About this exercise
Your answer must consist only of the lines from the start of the entries through the line that holds "for name, color, linetype", copied exactly, with no pictures.
..............................
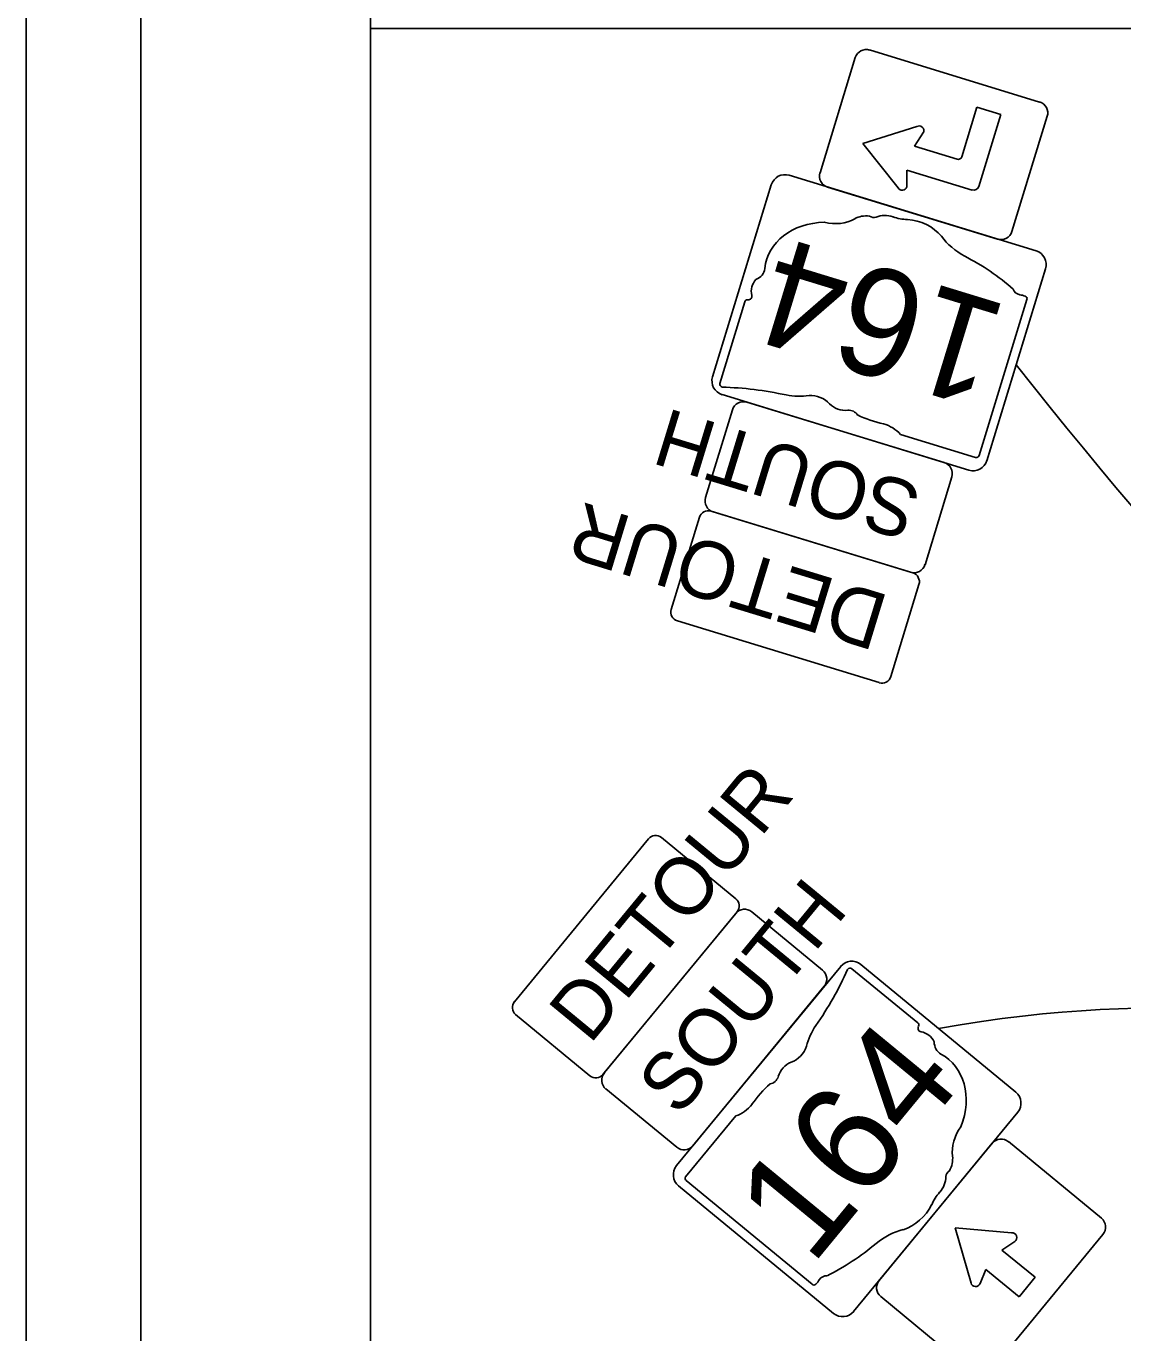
# Model space of a CAD drawing. Extents: x -202 to 1556, y 0 to 676.
# Drawn here: x 0 to 95.6, y 106.3 to 220.2 of the extents above; entities that cross this region are included whole.
import ezdxf

# ---------------------------------------------------------------- set-up
doc = ezdxf.new("R2010")
doc.units = 0
for name, color, linetype in [('GM_X_Minor_Lake', 7, 'Continuous'), ('GM_X_Minor_River_Text', 7, 'Continuous'), ('SH_Border', 7, 'Continuous'), ('SH_Cut_Line', 7, 'Continuous'), ('SH_Data', 7, 'Continuous')]:
    doc.layers.add(name, color=color, linetype=linetype)

msp = doc.modelspace()

# ---------------------------------------------------------------- linework, layer by layer
at = {"layer": 'GM_X_Minor_Lake'}
for p, q in [((88.33, 213.59), (73.51, 218.13)), ((72.26, 217.47), (69.19, 207.43)), ((81.54, 208.81), (82.87, 213.14)), ((82.87, 213.14), (84.96, 212.5)), ((84.96, 212.5), (83.04, 206.23)), ((85.92, 202.31), (88.99, 212.35)), ((72.91, 209.98), (77.63, 211.46)), ((78.22, 210.97), (77.41, 209.75)), ((75.99, 206.11), (72.91, 209.98)), ((77.41, 209.75), (81.15, 208.6)), ((76.77, 207.65), (76.76, 206.19)), ((82.45, 205.92), (76.77, 207.65)), ((69.85, 206.18), (84.67, 201.64)), ((82.45, 205.92), (82.45, 205.92)), ((62.64, 196.17), (60.46, 189.05)), ((62.64, 196.17), (62.64, 196.17)), ((83.05, 182.76), (87.21, 196.37)), ((62.8, 187.42), (80.02, 182.15)), ((59.21, 179.11), (61.55, 186.76)), ((76.19, 184.61), (82.75, 182.6)), ((80.68, 180.9), (78.34, 173.25)), ((77.09, 172.59), (59.88, 177.86)), ((50.39, 128.95), (61.84, 142.85)), ((63.24, 142.98), (69.42, 137.9)), ((77.71, 133.3), (71.96, 138.03)), ((69.56, 136.49), (58.11, 122.59)), ((77.7, 133.3), (77.71, 133.3)), ((56.71, 122.46), (50.53, 127.54)), ((61.84, 125.19), (57.48, 119.89)), ((74.35, 110.85), (84.2, 122.81)), ((85.61, 122.95), (93.71, 116.27)), ((57.52, 119.56), (68.51, 110.51)), ((82.35, 110.61), (80.96, 115.44)), ((80.96, 115.44), (85.89, 115)), ((93.85, 114.86), (84, 102.9)), ((86.16, 114.24), (85.03, 113.5)), ((85.03, 113.5), (87.93, 111.12)), ((83.64, 111.81), (83.14, 110.57)), ((86.54, 109.43), (83.64, 111.81)), ((87.93, 111.12), (86.54, 109.43)), ((82.59, 102.76), (74.48, 109.44))]:
    msp.add_line(p, q, dxfattribs=at)
for points in [[(59.82, 189.64), (64.94, 206.37)], [(66.5, 207.2), (88.02, 200.62)], [(88.85, 199.06), (83.73, 182.32)], [(82.17, 181.49), (60.65, 188.08)], [(77.28, 172.53), (59.69, 177.92)], [(58.69, 177.39), (56.23, 169.35)], [(75.35, 163.5), (77.81, 171.53)], [(56.76, 168.35), (74.35, 162.97)], [(54.24, 149.36), (42.55, 135.15)], [(61.86, 144.13), (55.37, 149.47)], [(50.27, 128.8), (61.96, 143)], [(56.68, 120.86), (70.99, 138.23)], [(72.75, 138.4), (86.26, 127.27)], [(42.66, 134.03), (49.14, 128.69)], [(86.43, 125.51), (72.12, 108.14)], [(70.36, 107.97), (56.85, 119.1)]]:
    msp.add_lwpolyline(points, dxfattribs=at)
for centre, radius, start, end in [((73.22, 217.17), 1, 72.9855, 162.9855), ((88.04, 212.64), 1, 342.9855, 72.9855), ((77.83, 211.09), 0.417, 342.9838, 117.9853), ((81.24, 208.9), 0.312, 252.9855, 342.9855), ((70.14, 207.13), 1, 162.9855, 252.9855), ((66.14, 206.01), 1.25, 72.9855, 162.9855), ((82.59, 206.37), 0.469, 252.9855, 342.9855), ((76.36, 206.31), 0.417, 207.9856, 342.9838), ((84.96, 202.6), 1, 252.9855, 342.9855), ((87.65, 199.42), 1.25, 342.9855, 72.9855), ((61.02, 189.27), 1.25, 162.9855, 252.9855), ((62.51, 186.46), 1, 72.9855, 162.9855), ((82.53, 182.69), 1.25, 252.9855, 342.9855), ((79.72, 181.2), 1, 342.9855, 72.9855), ((60.17, 178.81), 1, 162.9855, 252.9855), ((59.45, 177.15), 0.8, 72.9855, 162.9855), ((77.38, 173.55), 1, 252.9855, 342.9855), ((77.05, 171.77), 0.8, 342.9855, 72.9855), ((56.99, 169.12), 0.8, 162.9855, 252.9855), ((74.59, 163.73), 0.8, 252.9855, 342.9855), ((54.86, 148.85), 0.8, 50.5279, 140.5279), ((61.35, 143.51), 0.8, 320.5279, 50.5279), ((62.61, 142.21), 1, 50.5279, 140.5279), ((68.78, 137.12), 1, 320.5279, 50.5279), ((71.95, 137.43), 1.25, 50.5279, 140.5279), ((43.17, 134.65), 0.8, 140.5279, 230.5279), ((49.65, 129.31), 0.8, 230.5279, 320.5279), ((51.17, 128.31), 1, 140.5279, 230.5279), ((85.46, 126.31), 1.25, 320.5279, 50.5279), ((84.97, 122.17), 1, 50.5279, 140.5279), ((57.34, 123.23), 1, 230.5279, 320.5279), ((57.65, 120.06), 1.25, 140.5279, 230.5279), ((93.08, 115.5), 1, 320.5279, 50.5279), ((85.93, 114.59), 0.417, 303.3233, 95.5374), ((75.12, 110.21), 1, 140.5279, 230.5279), ((82.75, 110.73), 0.417, 195.9391, 337.7325), ((71.16, 108.94), 1.25, 230.5279, 320.5279)]:
    msp.add_arc(centre, radius, start, end, dxfattribs=at)
for centre, major_axis, start_param, end_param in [((70.48, 198.02), (-5.94, 1.82), 5.101752, 6.440018), ((70.11, 205.78), (-3.26, 1), 1.647645, 2.488434), ((73.47, 202.02), (-1.92, 0.59), 4.937069, 5.64225), ((73.83, 203.96), (-0.511, 0.156), 1.147584, 2.315152), ((75.07, 202.14), (-1.82, 0.56), 4.691044, 5.507374), ((76.44, 205.75), (-2.8, 0.86), 1.495662, 1.94098), ((76.97, 200.44), (-3.41, 1.04), 4.026481, 4.996735), ((84.39, 203.92), (-5.37, 1.64), 0.823519, 1.323587), ((73.9, 187.93), (-17.16, 5.25), 4.195997, 4.488961), ((62.66, 199.42), (-1.69, 0.52), 2.387724, 3.262537), ((65.59, 196.82), (-2.32, 0.71), 5.934695, 6.695948), ((86.74, 197.37), (-0.721, 0.221), 0.519207, 1.627899), ((62.91, 196.12), (-0.267, 0.082), 5.05454, 6.418171), ((62.86, 196.67), (-0.386, 0.118), 1.883978, 3.671073), ((86.5, 195.1), (-2, 0.61), 4.665946, 4.897461), ((86.96, 196.48), (-0.262, 0.08), 3.00124, 4.508301), ((60.7, 188.95), (-0.249, 0.076), 6.141152, 7.989035), ((62.87, 168.39), (-23.77, 7.27), 4.814394, 5.042369), ((66.79, 192.03), (-4.78, 1.46), 1.699011, 2.107814), ((68.59, 186.44), (-1.82, 0.56), 4.081561, 5.145723), ((71.2, 188), (-1.51, 0.46), 0.950623, 2.079405), ((71.78, 186.1), (-0.727, 0.222), 3.836095, 5.185415), ((76.13, 192.98), (-9.04, 2.77), 1.404758, 1.657858), ((74.15, 183.51), (-2.52, 0.77), 4.042523, 4.731795), ((82.78, 182.81), (-0.26, 0.079), 1.712693, 3.28349), ((51.95, 143.7), (15.8, 19.19), 4.814394, 5.042369), ((71.77, 137.85), (0.166, 0.201), 6.141152, 7.989035), ((72.29, 131.05), (3.18, 3.86), 1.699011, 2.107814), ((77.55, 133.07), (0.178, 0.216), 5.05454, 6.418171), ((78.09, 132.9), (0.257, 0.312), 1.883978, 3.671073), ((77.18, 130.32), (1.54, 1.87), 5.934695, 6.695948), ((66.44, 131.52), (1.21, 1.47), 4.081561, 5.145723), ((80.7, 132.04), (1.12, 1.36), 2.387724, 3.262537), ((76.42, 125.35), (3.95, 4.8), 5.101752, 6.440018), ((66.89, 128.51), (1, 1.22), 0.950623, 2.079405), ((69.6, 122.05), (6.01, 7.3), 1.404758, 1.657858), ((64.91, 128.69), (0.483, 0.586), 3.836095, 5.185415), ((61.61, 127.5), (1.67, 2.03), 4.042523, 4.731795), ((83.73, 122.72), (2.16, 2.63), 1.647645, 2.488434), ((78.97, 121.05), (1.28, 1.55), 4.937069, 5.64225), ((57.67, 119.79), (0.173, 0.21), 1.712693, 3.28349), ((78.47, 119.53), (1.21, 1.47), 4.691044, 5.507374), ((80.63, 119.98), (0.34, 0.413), 1.147584, 2.315152), ((81.28, 116.88), (1.86, 2.26), 1.495662, 1.94098), ((76.17, 118.42), (2.27, 2.75), 4.026481, 4.996735), ((76.56, 110.24), (3.57, 4.33), 0.823519, 1.323587), ((65.79, 126.04), (11.41, 13.86), 4.195997, 4.488961), ((68.7, 110.7), (0.174, 0.211), 3.00124, 4.508301), ((67.61, 111.66), (1.33, 1.61), 4.665946, 4.897461), ((69.61, 110.56), (0.479, 0.582), 0.519207, 1.627899)]:
    msp.add_ellipse(centre, major_axis=major_axis, ratio=0.8, start_param=start_param, end_param=end_param, dxfattribs=at)
at = {"layer": 'GM_X_Minor_River_Text'}
msp.add_line((30, 220), (640, 220), dxfattribs=at)
at = {"layer": 'SH_Border'}
for points in [[(10, 430), (30, 430), (30, 10), (10, 10)], [(30, 430), (670, 430), (670, 10), (30, 10)]]:
    msp.add_lwpolyline(points, close=True, dxfattribs=at)
at = {"layer": 'SH_Cut_Line'}
msp.add_lwpolyline([(0, 0), (680, 0), (680, 440), (0, 440)], close=True, dxfattribs=at)
at = {"layer": 'SH_Data'}
for points in [[(86.29, 190.69), (102.24, 170.36), (128.97, 144.07), (149.56, 133.27), (172.62, 130.54), (191.35, 132)], [(79.52, 132.82), (99.83, 136.42), (127.65, 131.33), (152.16, 125.11), (172.51, 121.38), (186.79, 122.16)], [(72.68, 92.44), (98.67, 92.22), (111.17, 94.55), (131, 99.43), (168.35, 118.15), (182.67, 118.56)]]:
    msp.add_open_spline(points, degree=3, dxfattribs=at)

# ---------------------------------------------------------------- texts
at = {"layer": 'GM_X_Minor_Lake'}
for s, height, rotation, p in [('164', 9.375, 162.9855, (85.82, 195.75)), ('SOUTH', 5, 162.9855, (78.25, 180.08)), ('DETOUR', 5, 162.9855, (75.37, 170.5)), ('DETOUR', 5, 50.5279, (49.12, 131.34)), ('SOUTH', 5, 50.5279, (56.87, 125.02)), ('164', 9.375, 50.5279, (68.46, 112.04))]:
    msp.add_text(s, height=height, rotation=rotation, dxfattribs=at).set_placement(p)

doc.saveas('drawing.dxf')
..............................
Result below
# Model space of a CAD drawing. Extents: x -202 to 1556, y 0 to 676.
# Drawn here: x 0 to 95.6, y 106.3 to 220.2 of the extents above; entities that cross this region are included whole.
import ezdxf

# ---------------------------------------------------------------- set-up
doc = ezdxf.new("R2010")
doc.units = 0
for name, color, linetype in [('GM_X_Minor_Lake', 7, 'Continuous'), ('GM_X_Minor_River_Text', 7, 'Continuous'), ('SH_Border', 7, 'Continuous'), ('SH_Cut_Line', 7, 'Continuous'), ('SH_Data', 7, 'Continuous')]:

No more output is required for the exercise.